# Reinforcement learning with Foolsball
- Reinforcement learning is learning to make decisions from experience.
- Games are a good testbed for RL.
 

# About Foolsball v3.0
- 5x4 playground that provides a football/foosball-like environment.
- A controllable player:
  - always spawned in the top-left corner
  - displayed as '⚽'
  - can move North, South, East or West.
  - **Movements have some uncertainty associated with them.**
  - can be controlled algorithmically
- A number of **dynamic** opponents, each represented by 👕, that occupy certain locations on the field.
- **The opponents can move up or down randomly independent of each other**
- A goalpost 🥅 that is fixed in the bottom right corner

## Goals
### Primary goal
- We want the agent to learn to reach the goalpost 

### Secondary goals
- We may want the agent to learn to be efficient in some sense, for example, take the shortest path to the goalpost. 

## Rules 
- Initial rules:
    - **The ball can be (tried to be) moved in five ways: \['n','e','w',s','x'\], 'x' representing holding the ball in the current position.**
    - **The environment is stochastic. So there's a small probability that a bad action gets triggered instead of the desired action.**
    - Move the ball to an unmarked position: -1 points, game continues
    - Move the ball to a position marked by a defender: -5 points, **game continues**
    - Try to move the ball ouside the field: -1 (ball stays in the previous position), game continues
    - Move the ball into the goal post position: +5, game terminates
    - **Each opponent can randomly move up or down in its column**
    - **The agent can sense the presence or absense of defenders in the adjacent cells.**


# Create the enviroment

In [1]:
import numpy as np

agent = '⚽'
opponent = '👕'
goal = '🥅'

arena = [['⚽', ' ' , '👕', ' ' ],
         [' ' , ' ' , ' ' , '👕'],
         [' ' , '👕', ' ' , ' ' ],
         [' ' , ' ' , ' ' , '👕'],
         [' ' , '👕', ' ' , '🥅']]

### Key questions
- What information should make up the state of the environment+agent now?
- How and why should the state be encoded?
- Is it possible to segregate next_state calculation and reward calculation as we have done in the past? 
- Think about the atomicity and order of the actions.

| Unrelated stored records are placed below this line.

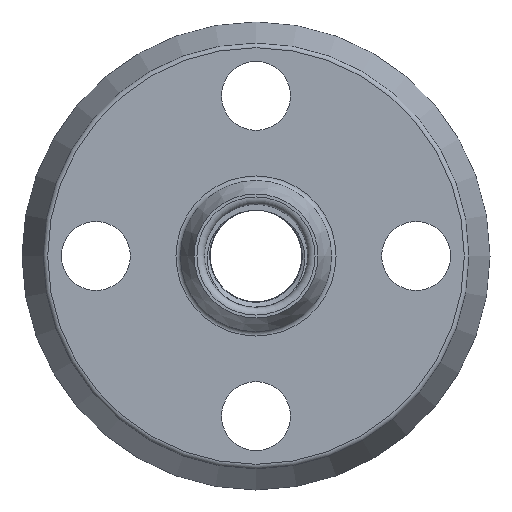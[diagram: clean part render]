
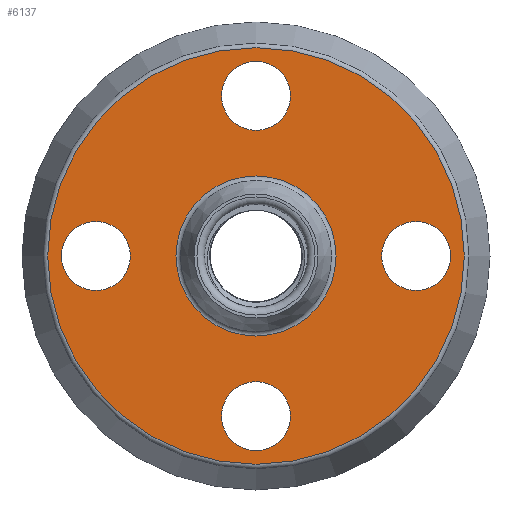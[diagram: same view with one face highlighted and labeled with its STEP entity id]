
A CAD part, left-side view. The second image highlights one B-rep face of the part: STEP entity #6137.
In plain terms, the highlighted planar face has unit normal (-1, 0, 0).
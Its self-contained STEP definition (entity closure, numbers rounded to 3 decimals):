
#74=FACE_BOUND('',#1264,.T.);
#75=FACE_BOUND('',#1265,.T.);
#76=FACE_BOUND('',#1266,.T.);
#77=FACE_BOUND('',#1267,.T.);
#78=FACE_BOUND('',#1268,.T.);
#137=PLANE('',#7239);
#790=FACE_OUTER_BOUND('',#1263,.T.);
#1263=EDGE_LOOP('',(#5472));
#1264=EDGE_LOOP('',(#5473));
#1265=EDGE_LOOP('',(#5474));
#1266=EDGE_LOOP('',(#5475));
#1267=EDGE_LOOP('',(#5476));
#1268=EDGE_LOOP('',(#5477));
#2357=CIRCLE('',#7223,7.);
#2359=CIRCLE('',#7227,7.);
#2361=CIRCLE('',#7231,7.);
#2363=CIRCLE('',#7235,7.);
#2364=CIRCLE('',#7237,16.244);
#2366=CIRCLE('',#7240,42.28);
#2846=VERTEX_POINT('',#11419);
#2848=VERTEX_POINT('',#11425);
#2850=VERTEX_POINT('',#11431);
#2852=VERTEX_POINT('',#11437);
#2853=VERTEX_POINT('',#11440);
#2855=VERTEX_POINT('',#11445);
#3731=EDGE_CURVE('',#2846,#2846,#2357,.T.);
#3733=EDGE_CURVE('',#2848,#2848,#2359,.T.);
#3735=EDGE_CURVE('',#2850,#2850,#2361,.T.);
#3737=EDGE_CURVE('',#2852,#2852,#2363,.T.);
#3738=EDGE_CURVE('',#2853,#2853,#2364,.T.);
#3740=EDGE_CURVE('',#2855,#2855,#2366,.T.);
#5472=ORIENTED_EDGE('',*,*,#3740,.F.);
#5473=ORIENTED_EDGE('',*,*,#3733,.T.);
#5474=ORIENTED_EDGE('',*,*,#3735,.T.);
#5475=ORIENTED_EDGE('',*,*,#3737,.T.);
#5476=ORIENTED_EDGE('',*,*,#3731,.T.);
#5477=ORIENTED_EDGE('',*,*,#3738,.F.);
#6137=ADVANCED_FACE('',(#790,#74,#75,#76,#77,#78),#137,.T.);
#7223=AXIS2_PLACEMENT_3D('',#11420,#9585,#9586);
#7227=AXIS2_PLACEMENT_3D('',#11426,#9593,#9594);
#7231=AXIS2_PLACEMENT_3D('',#11432,#9601,#9602);
#7235=AXIS2_PLACEMENT_3D('',#11438,#9609,#9610);
#7237=AXIS2_PLACEMENT_3D('',#11441,#9613,#9614);
#7239=AXIS2_PLACEMENT_3D('',#11444,#9617,#9618);
#7240=AXIS2_PLACEMENT_3D('',#11446,#9619,#9620);
#9585=DIRECTION('center_axis',(1.,0.,0.));
#9586=DIRECTION('ref_axis',(0.,0.,1.));
#9593=DIRECTION('center_axis',(1.,0.,0.));
#9594=DIRECTION('ref_axis',(0.,1.,0.));
#9601=DIRECTION('center_axis',(1.,0.,0.));
#9602=DIRECTION('ref_axis',(0.,0.,-1.));
#9609=DIRECTION('center_axis',(1.,0.,0.));
#9610=DIRECTION('ref_axis',(0.,-1.,0.));
#9613=DIRECTION('center_axis',(-1.,0.,0.));
#9614=DIRECTION('ref_axis',(0.,1.,0.));
#9617=DIRECTION('center_axis',(-1.,0.,0.));
#9618=DIRECTION('ref_axis',(0.,0.,1.));
#9619=DIRECTION('center_axis',(1.,0.,0.));
#9620=DIRECTION('ref_axis',(0.,1.,0.));
#11419=CARTESIAN_POINT('',(7.25,32.5,7.));
#11420=CARTESIAN_POINT('Origin',(7.25,32.5,0.));
#11425=CARTESIAN_POINT('',(7.25,7.,-32.5));
#11426=CARTESIAN_POINT('Origin',(7.25,0.,
-32.5));
#11431=CARTESIAN_POINT('',(7.25,-32.5,-7.));
#11432=CARTESIAN_POINT('Origin',(7.25,-32.5,0.));
#11437=CARTESIAN_POINT('',(7.25,-7.,32.5));
#11438=CARTESIAN_POINT('Origin',(7.25,0.,
32.5));
#11440=CARTESIAN_POINT('',(7.25,-16.244,0.));
#11441=CARTESIAN_POINT('Origin',(7.25,0.,0.));
#11444=CARTESIAN_POINT('Origin',(7.25,-15.576,0.));
#11445=CARTESIAN_POINT('',(7.25,-42.28,0.));
#11446=CARTESIAN_POINT('Origin',(7.25,0.,0.));
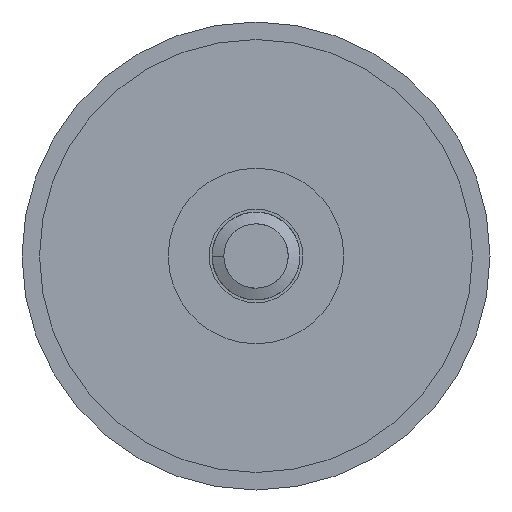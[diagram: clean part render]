
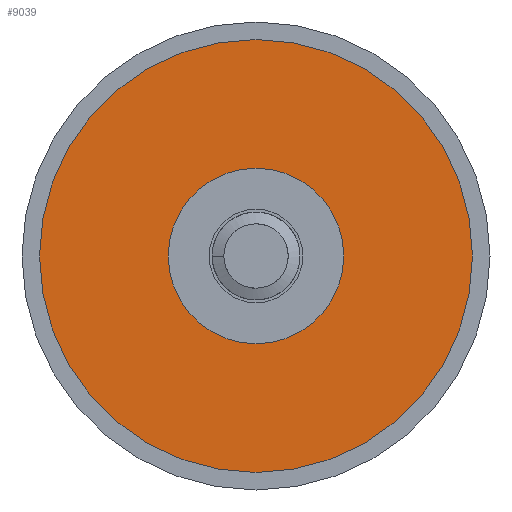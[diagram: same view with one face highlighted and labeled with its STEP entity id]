
A CAD part, front view. The second image highlights one B-rep face of the part: STEP entity #9039.
In plain terms, the highlighted planar face has unit normal (0, -1, 0).
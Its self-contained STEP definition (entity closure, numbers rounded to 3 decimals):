
#48 = VERTEX_POINT ( 'NONE', #4510 ) ;
#478 = DIRECTION ( 'NONE',  ( 0., -1., 0. ) ) ;
#580 = CIRCLE ( 'NONE', #9494, 18.5 ) ;
#857 = FACE_BOUND ( 'NONE', #6016, .T. ) ;
#1109 = CARTESIAN_POINT ( 'NONE',  ( 0., 0., 0. ) ) ;
#1236 = CARTESIAN_POINT ( 'NONE',  ( 0., 0., 0. ) ) ;
#1268 = DIRECTION ( 'NONE',  ( 0., 0., -1. ) ) ;
#1728 = EDGE_CURVE ( 'NONE', #48, #6830, #7145, .T. ) ;
#1882 = DIRECTION ( 'NONE',  ( 0., 0., 1. ) ) ;
#1949 = DIRECTION ( 'NONE',  ( 0., 0., -1. ) ) ;
#2255 = AXIS2_PLACEMENT_3D ( 'NONE', #8893, #6515, #1882 ) ;
#2640 = DIRECTION ( 'NONE',  ( 0., -1., 0. ) ) ;
#2810 = ORIENTED_EDGE ( 'NONE', *, *, #9025, .F. ) ;
#3115 = ORIENTED_EDGE ( 'NONE', *, *, #3663, .F. ) ;
#3142 = CIRCLE ( 'NONE', #5529, 7.5 ) ;
#3298 = AXIS2_PLACEMENT_3D ( 'NONE', #4143, #4995, #8070 ) ;
#3458 = VERTEX_POINT ( 'NONE', #8746 ) ;
#3459 = DIRECTION ( 'NONE',  ( 0., -1., 0. ) ) ;
#3663 = EDGE_CURVE ( 'NONE', #8910, #3458, #3142, .T. ) ;
#4143 = CARTESIAN_POINT ( 'NONE',  ( 0., 0., 0. ) ) ;
#4156 = EDGE_CURVE ( 'NONE', #6830, #48, #580, .T. ) ;
#4247 = FACE_OUTER_BOUND ( 'NONE', #4697, .T. ) ;
#4267 = DIRECTION ( 'NONE',  ( 0., 0., -1. ) ) ;
#4510 = CARTESIAN_POINT ( 'NONE',  ( 0., 0., 18.5 ) ) ;
#4697 = EDGE_LOOP ( 'NONE', ( #9424, #7178 ) ) ;
#4972 = PLANE ( 'NONE',  #2255 ) ;
#4995 = DIRECTION ( 'NONE',  ( 0., -1., 0. ) ) ;
#5506 = CARTESIAN_POINT ( 'NONE',  ( 0., 0., 7.5 ) ) ;
#5529 = AXIS2_PLACEMENT_3D ( 'NONE', #8099, #3459, #4267 ) ;
#6016 = EDGE_LOOP ( 'NONE', ( #2810, #3115 ) ) ;
#6515 = DIRECTION ( 'NONE',  ( 0., 1., 0. ) ) ;
#6830 = VERTEX_POINT ( 'NONE', #9357 ) ;
#7118 = AXIS2_PLACEMENT_3D ( 'NONE', #1109, #2640, #1949 ) ;
#7145 = CIRCLE ( 'NONE', #3298, 18.5 ) ;
#7178 = ORIENTED_EDGE ( 'NONE', *, *, #1728, .T. ) ;
#8070 = DIRECTION ( 'NONE',  ( 0., 0., -1. ) ) ;
#8099 = CARTESIAN_POINT ( 'NONE',  ( 0., 0., 0. ) ) ;
#8732 = CIRCLE ( 'NONE', #7118, 7.5 ) ;
#8746 = CARTESIAN_POINT ( 'NONE',  ( 0., 0., -7.5 ) ) ;
#8893 = CARTESIAN_POINT ( 'NONE',  ( 0., 0., 0. ) ) ;
#8910 = VERTEX_POINT ( 'NONE', #5506 ) ;
#9025 = EDGE_CURVE ( 'NONE', #3458, #8910, #8732, .T. ) ;
#9039 = ADVANCED_FACE ( 'NONE', ( #857, #4247 ), #4972, .F. ) ;
#9357 = CARTESIAN_POINT ( 'NONE',  ( 0., 0., -18.5 ) ) ;
#9424 = ORIENTED_EDGE ( 'NONE', *, *, #4156, .T. ) ;
#9494 = AXIS2_PLACEMENT_3D ( 'NONE', #1236, #478, #1268 ) ;

Is agent's movement followed by defender movement equivalent to defneder movement followed by agents's movement?

### Todos:
- Implement the new rules in the code below.

In [2]:
import pdb

class Foolsball(object):
    def __encode_indices__(self,row,col):
        """Convert from indices (row,col) to integer state."""
        return row*self.n_cols + col
    
    
    def __decode_indices__(self, state):
        """Convert from integer state to indices(row,col)"""
        row = state // self.n_cols
        col = state % self.n_cols
        return row,col
        
    def __make_observation__(self):
        player_obs = self.state['agent']
        
        player_row, player_col = self.__decode_indices__(player_obs)
        delta = ({'n':(-1,0), 'e':(0,+1), 'w':(0, -1), 's':(+1,0)})
        
        opponent_obs = {}
        for k in delta:
            scan_row, scan_column = player_row + delta[k][0], player_col + delta[k][1]
            
            if (0<=scan_row<self.n_rows) and (0<=scan_column<self.n_cols) and\
            self.__encode_indices__(scan_row, scan_column) in self.state['opponents']:
                opponent_obs[k] = 1
            else:
                opponent_obs[k] = 0
        
        return(player_obs,opponent_obs)
                
            
            
        

    def __deserialize__(self,map:list,agent:str,opponent:str, goal:str):
        """Convrt a string representation of a map into a 2D numpy array
        Param map: list of lists of strings representing the player, opponents and goal.
        Param agent: string representing the agent on the map 
        Param opponent: string representing every instance of an opponent player
        Param goal: string representing the location of the goal on the map
        """
        ## Capture dimensions and map.
        self.n_rows = len(map)
        self.n_cols = len(map[0])
        self.map = np.asarray(map)

        ## Store string representations for printing the map, etc.
        self.agent_repr = agent
        self.opponent_repr  = opponent
        self.goal_repr = goal

        ## Find initial state, the desired goal state and the state of the opponents. 
        player_state = None
        goal_state = None
        opponents_states = []

        for row in range(self.n_rows):
            for col in range(self.n_cols):
                if map[row][col] == agent:
                    player_state = self.__encode_indices__(row,col)
                    self.map[row,col] = ' ' 

                elif map[row][col] == opponent:
                    opponents_states.append(self.__encode_indices__(row,col))
                    self.map[row,col] = ' ' 

                elif map[row][col] == goal:
                    goal_state = self.__encode_indices__(row,col)
        
        self.init_state = {'agent':player_state,'opponents':opponents_states, 'goal':goal_state}
       
        
        assert player_state is not None, f"Map {map} does not specify an agent {agent} location"
        assert opponents_states is not None,  f"Map {map} does not specify a goal {goal} location"
        assert goal_state,  f"Map {map} does not specify any opponents {opponent} location"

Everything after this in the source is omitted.